---- Data for this task
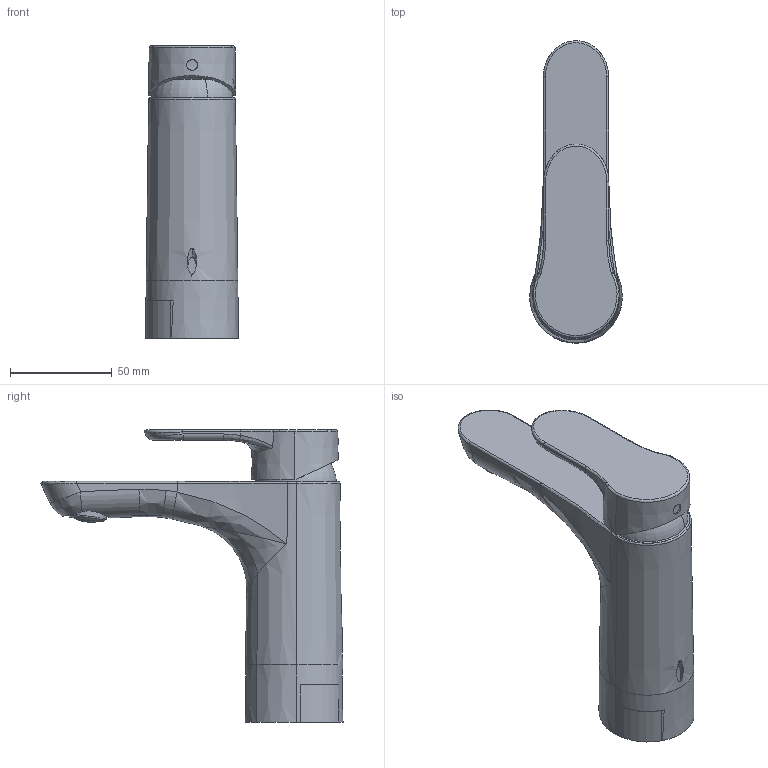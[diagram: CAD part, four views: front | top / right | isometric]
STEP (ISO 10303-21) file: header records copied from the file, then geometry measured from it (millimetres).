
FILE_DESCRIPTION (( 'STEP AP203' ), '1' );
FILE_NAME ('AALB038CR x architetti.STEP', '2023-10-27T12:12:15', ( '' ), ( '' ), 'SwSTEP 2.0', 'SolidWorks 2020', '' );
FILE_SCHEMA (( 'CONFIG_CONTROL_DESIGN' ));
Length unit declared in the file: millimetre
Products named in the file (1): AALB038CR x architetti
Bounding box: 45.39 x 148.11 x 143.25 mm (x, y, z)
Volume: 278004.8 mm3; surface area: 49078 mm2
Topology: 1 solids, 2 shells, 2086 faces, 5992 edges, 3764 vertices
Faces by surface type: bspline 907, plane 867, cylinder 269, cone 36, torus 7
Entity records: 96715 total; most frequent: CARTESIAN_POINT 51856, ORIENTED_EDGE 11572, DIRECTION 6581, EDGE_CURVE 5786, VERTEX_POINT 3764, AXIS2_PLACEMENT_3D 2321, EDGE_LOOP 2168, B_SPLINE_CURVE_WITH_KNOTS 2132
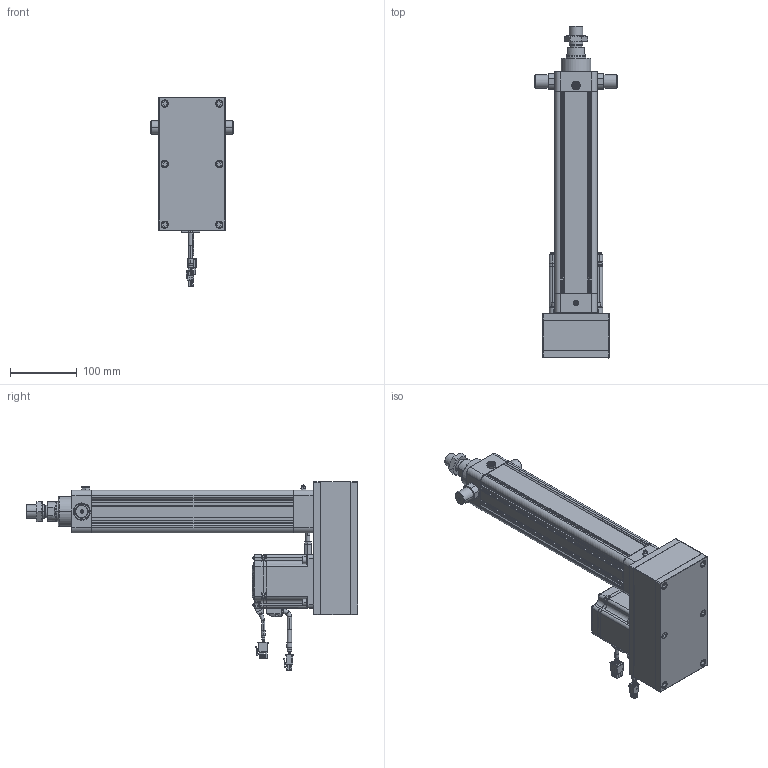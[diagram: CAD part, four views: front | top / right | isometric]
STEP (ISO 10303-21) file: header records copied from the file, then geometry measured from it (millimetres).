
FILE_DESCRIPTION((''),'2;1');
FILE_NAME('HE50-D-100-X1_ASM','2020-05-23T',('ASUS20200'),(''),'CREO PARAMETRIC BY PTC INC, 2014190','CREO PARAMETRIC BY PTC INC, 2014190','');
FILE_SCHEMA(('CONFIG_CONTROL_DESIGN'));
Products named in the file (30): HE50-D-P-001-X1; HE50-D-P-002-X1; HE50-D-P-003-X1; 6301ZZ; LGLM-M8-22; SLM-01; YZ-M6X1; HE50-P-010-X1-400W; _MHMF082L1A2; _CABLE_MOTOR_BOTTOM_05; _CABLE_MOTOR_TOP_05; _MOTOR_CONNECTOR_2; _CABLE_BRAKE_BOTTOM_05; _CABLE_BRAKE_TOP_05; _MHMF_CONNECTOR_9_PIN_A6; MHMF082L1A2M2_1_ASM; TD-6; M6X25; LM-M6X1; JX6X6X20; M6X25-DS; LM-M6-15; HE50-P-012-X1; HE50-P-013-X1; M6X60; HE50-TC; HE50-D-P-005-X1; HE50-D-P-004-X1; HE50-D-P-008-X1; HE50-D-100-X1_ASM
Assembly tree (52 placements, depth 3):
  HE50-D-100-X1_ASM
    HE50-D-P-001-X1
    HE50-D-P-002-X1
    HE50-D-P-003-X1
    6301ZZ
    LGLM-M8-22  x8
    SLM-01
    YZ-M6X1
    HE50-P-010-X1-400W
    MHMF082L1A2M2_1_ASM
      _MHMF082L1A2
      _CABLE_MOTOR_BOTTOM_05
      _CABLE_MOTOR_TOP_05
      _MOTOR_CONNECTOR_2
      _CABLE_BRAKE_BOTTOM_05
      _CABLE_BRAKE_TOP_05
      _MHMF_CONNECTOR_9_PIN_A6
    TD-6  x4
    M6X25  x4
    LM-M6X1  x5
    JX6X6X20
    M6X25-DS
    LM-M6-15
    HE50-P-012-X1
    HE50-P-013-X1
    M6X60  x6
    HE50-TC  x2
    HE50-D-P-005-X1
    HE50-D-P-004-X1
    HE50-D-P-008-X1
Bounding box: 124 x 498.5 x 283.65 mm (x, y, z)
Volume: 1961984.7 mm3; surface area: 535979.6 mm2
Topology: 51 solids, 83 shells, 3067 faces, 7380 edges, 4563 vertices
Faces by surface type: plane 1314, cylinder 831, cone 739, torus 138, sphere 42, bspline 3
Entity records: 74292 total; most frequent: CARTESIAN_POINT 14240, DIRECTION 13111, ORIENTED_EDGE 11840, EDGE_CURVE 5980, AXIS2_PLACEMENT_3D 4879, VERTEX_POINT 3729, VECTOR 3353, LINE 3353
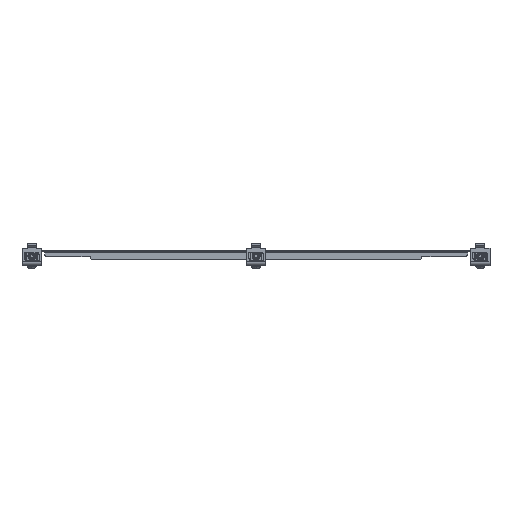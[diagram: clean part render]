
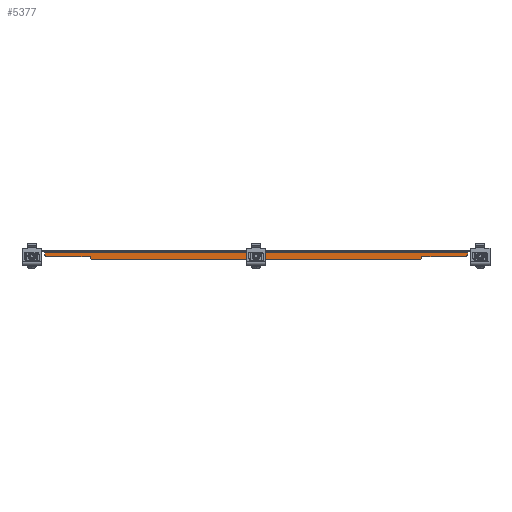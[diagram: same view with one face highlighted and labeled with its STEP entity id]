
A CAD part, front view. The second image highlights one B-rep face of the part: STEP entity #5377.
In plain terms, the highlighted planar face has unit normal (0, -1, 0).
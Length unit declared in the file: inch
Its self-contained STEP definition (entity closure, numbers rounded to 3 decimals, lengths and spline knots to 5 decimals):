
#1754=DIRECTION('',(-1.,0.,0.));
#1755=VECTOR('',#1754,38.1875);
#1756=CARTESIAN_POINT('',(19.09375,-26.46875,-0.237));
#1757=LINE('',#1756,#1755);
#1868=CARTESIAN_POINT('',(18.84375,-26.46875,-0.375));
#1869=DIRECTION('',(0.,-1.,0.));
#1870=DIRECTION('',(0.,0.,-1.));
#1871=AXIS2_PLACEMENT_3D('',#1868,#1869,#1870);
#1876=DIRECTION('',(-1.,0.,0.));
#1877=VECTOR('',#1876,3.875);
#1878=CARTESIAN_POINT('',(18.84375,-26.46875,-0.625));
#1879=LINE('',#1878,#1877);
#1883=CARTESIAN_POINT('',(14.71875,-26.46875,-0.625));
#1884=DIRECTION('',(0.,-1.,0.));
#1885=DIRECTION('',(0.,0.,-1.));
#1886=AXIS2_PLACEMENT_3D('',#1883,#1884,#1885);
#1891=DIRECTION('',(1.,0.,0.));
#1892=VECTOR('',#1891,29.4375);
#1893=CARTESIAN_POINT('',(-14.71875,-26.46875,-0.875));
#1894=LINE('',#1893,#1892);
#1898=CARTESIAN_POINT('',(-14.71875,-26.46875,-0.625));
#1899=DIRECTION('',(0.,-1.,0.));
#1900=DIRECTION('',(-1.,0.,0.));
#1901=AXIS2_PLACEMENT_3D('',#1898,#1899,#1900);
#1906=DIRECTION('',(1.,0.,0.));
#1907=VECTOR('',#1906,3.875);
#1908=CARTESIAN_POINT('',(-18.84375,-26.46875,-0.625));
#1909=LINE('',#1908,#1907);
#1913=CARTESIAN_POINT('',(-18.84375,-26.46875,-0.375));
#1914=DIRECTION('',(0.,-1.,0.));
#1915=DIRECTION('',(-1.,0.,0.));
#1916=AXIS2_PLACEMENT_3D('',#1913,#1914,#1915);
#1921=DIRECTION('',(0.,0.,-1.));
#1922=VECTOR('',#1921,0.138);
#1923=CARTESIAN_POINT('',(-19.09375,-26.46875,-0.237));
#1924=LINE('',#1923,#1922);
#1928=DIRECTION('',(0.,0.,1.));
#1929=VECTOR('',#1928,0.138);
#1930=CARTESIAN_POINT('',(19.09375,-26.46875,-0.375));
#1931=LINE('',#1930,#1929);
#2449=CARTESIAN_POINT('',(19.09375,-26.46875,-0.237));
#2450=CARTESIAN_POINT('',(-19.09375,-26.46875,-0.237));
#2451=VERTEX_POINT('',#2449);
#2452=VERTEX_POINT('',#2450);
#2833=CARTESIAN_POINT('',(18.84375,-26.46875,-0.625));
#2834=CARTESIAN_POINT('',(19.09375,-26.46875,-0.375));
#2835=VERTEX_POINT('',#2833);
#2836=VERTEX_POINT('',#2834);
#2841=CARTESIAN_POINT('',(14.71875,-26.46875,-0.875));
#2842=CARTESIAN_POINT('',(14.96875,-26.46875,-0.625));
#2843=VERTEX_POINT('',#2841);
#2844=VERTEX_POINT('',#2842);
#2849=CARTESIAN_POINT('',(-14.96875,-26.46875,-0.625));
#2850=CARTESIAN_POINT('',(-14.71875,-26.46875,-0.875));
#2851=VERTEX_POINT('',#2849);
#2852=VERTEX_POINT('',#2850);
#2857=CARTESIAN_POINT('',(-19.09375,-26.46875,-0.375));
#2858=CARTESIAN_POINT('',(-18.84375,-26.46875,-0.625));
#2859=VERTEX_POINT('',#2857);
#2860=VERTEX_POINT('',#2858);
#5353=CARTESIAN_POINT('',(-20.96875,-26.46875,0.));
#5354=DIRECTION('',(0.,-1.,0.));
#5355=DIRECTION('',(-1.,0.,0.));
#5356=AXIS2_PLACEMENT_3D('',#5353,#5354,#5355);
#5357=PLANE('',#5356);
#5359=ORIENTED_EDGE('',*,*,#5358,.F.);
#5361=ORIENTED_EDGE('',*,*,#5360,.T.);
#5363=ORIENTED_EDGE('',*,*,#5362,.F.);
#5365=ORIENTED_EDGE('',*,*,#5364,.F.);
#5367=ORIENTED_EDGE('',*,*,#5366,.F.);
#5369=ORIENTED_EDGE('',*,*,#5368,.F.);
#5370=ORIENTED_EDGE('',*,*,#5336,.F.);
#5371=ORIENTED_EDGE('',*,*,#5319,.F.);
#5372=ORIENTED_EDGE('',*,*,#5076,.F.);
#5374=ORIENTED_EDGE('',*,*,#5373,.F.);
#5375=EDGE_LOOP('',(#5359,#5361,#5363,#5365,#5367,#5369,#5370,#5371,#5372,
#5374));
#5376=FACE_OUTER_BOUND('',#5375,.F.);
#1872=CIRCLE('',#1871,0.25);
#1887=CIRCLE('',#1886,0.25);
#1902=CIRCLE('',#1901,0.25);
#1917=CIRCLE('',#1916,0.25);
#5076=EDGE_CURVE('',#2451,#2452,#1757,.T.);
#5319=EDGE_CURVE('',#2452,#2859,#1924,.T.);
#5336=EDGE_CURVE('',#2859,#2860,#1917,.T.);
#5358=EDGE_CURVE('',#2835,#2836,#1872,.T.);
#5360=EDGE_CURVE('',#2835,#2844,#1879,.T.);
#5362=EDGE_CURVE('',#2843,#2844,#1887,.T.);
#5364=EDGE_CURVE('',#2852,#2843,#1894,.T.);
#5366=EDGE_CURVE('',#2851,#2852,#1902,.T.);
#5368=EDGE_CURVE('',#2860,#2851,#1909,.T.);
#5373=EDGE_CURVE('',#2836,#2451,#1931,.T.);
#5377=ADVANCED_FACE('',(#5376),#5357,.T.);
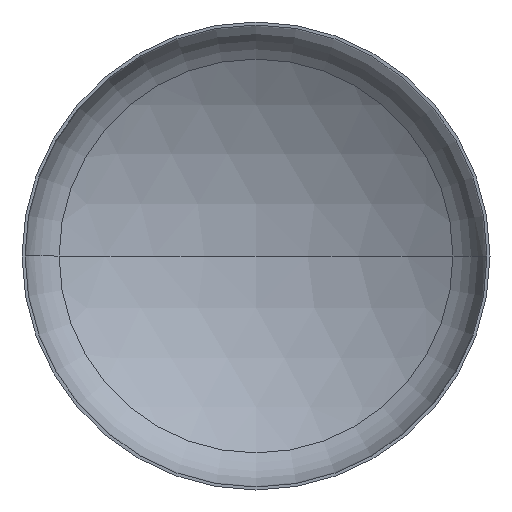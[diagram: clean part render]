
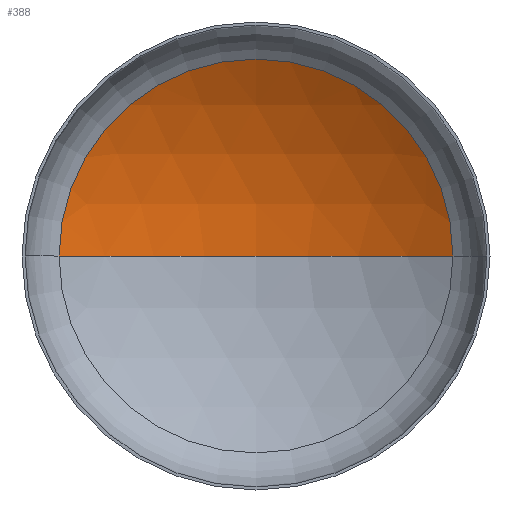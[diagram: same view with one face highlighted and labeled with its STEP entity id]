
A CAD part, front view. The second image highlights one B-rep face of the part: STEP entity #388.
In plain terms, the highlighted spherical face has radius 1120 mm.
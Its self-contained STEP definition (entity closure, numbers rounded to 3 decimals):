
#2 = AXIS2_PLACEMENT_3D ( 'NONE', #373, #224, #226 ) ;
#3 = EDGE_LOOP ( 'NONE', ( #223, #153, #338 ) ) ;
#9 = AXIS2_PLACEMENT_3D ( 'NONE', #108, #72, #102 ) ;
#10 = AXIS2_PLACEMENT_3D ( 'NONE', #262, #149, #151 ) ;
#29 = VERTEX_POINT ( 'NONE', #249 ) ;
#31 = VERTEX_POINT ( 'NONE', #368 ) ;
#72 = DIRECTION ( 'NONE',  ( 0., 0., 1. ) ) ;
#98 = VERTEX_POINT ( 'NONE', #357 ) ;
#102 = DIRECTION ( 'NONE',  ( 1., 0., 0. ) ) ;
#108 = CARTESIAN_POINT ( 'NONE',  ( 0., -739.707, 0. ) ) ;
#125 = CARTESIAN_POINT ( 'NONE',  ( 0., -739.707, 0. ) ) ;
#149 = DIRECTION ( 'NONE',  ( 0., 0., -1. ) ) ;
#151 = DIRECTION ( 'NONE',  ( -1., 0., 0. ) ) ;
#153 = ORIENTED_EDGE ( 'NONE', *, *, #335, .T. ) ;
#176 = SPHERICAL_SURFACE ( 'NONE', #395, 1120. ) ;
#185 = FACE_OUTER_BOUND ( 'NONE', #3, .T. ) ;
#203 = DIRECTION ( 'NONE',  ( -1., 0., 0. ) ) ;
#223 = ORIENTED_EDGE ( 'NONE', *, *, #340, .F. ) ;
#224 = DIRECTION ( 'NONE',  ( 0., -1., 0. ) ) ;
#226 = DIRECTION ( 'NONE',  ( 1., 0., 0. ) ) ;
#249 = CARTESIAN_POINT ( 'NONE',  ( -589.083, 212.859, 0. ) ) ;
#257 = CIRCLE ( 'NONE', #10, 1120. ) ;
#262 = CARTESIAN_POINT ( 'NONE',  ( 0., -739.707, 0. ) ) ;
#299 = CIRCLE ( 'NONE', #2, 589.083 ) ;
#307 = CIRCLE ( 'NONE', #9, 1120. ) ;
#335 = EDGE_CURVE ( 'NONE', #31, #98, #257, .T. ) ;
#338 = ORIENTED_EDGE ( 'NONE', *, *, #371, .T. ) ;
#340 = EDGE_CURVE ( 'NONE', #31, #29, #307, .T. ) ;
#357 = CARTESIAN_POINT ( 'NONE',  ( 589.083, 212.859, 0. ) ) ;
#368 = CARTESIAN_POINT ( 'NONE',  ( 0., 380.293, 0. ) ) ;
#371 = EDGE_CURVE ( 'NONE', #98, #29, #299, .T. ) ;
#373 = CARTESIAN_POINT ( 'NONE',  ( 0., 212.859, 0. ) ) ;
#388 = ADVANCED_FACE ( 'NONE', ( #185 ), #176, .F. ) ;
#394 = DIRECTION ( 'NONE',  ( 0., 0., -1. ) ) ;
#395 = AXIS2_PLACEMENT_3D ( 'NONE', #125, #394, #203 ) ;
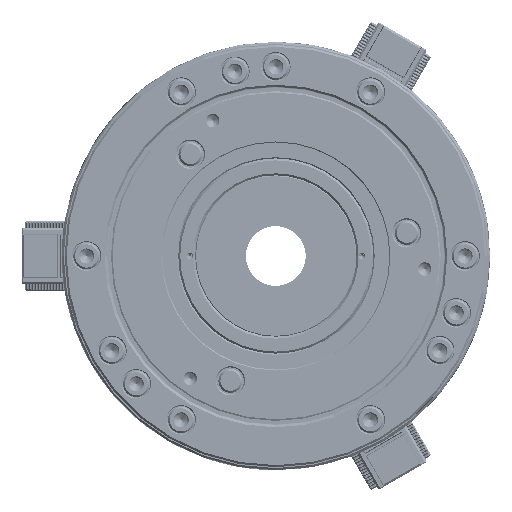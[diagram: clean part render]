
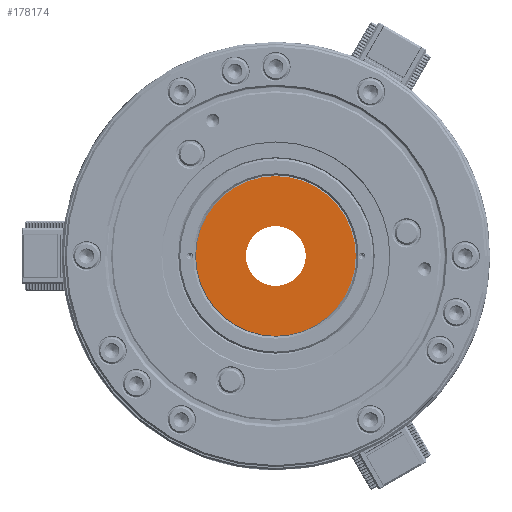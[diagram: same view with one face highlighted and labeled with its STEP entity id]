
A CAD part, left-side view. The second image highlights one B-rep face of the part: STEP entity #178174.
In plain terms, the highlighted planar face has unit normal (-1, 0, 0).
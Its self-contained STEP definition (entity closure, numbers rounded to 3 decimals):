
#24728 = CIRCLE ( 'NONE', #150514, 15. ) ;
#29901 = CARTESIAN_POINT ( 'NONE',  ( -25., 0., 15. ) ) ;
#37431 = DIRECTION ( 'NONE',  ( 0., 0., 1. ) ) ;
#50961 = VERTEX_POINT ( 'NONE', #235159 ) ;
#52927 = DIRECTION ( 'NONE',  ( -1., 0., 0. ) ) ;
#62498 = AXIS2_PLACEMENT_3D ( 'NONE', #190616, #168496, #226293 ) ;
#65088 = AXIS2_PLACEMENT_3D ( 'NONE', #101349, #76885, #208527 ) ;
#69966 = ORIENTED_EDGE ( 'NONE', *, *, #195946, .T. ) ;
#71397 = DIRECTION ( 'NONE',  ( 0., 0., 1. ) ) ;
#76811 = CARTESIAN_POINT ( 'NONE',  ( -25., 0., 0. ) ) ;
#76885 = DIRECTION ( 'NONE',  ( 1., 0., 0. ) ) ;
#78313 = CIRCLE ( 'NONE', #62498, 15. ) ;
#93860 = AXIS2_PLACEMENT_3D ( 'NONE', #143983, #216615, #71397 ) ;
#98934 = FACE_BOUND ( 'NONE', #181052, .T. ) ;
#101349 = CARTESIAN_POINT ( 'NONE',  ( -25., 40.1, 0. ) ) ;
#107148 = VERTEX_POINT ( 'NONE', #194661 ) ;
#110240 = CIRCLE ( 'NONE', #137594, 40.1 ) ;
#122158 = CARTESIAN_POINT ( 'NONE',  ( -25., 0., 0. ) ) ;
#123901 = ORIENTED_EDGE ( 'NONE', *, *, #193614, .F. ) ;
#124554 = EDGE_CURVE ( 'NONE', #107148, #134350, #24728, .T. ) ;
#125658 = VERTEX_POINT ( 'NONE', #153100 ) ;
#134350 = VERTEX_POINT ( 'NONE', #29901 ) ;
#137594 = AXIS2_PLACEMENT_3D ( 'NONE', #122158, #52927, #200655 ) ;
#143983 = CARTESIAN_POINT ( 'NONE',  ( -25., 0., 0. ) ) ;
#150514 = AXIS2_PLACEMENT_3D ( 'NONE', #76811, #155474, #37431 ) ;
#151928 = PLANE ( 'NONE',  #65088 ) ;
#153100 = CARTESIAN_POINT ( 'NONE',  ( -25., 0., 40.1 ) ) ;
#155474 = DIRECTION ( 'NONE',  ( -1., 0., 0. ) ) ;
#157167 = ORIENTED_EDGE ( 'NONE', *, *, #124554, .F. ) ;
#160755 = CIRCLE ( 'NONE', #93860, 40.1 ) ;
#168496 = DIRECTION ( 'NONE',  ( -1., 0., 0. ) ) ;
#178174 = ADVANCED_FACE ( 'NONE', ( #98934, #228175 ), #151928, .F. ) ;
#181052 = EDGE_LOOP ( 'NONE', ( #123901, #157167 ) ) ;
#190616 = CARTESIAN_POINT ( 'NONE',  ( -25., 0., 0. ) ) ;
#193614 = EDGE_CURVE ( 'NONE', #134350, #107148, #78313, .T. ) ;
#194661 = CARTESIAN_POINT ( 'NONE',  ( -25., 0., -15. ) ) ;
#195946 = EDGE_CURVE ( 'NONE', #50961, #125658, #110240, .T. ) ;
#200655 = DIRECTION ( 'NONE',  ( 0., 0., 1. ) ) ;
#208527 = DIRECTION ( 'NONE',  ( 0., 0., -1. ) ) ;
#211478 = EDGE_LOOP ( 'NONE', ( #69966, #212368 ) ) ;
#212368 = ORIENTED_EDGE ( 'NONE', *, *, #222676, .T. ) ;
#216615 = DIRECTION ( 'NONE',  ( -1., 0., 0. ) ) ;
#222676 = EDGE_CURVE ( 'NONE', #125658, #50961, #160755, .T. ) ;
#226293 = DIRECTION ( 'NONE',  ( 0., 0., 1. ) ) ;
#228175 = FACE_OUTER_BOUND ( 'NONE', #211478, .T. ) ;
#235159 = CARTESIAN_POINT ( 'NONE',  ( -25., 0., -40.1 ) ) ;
--------
What to produce
Find the number of lines above that hold the word "image", then write that number by itself.

Output
3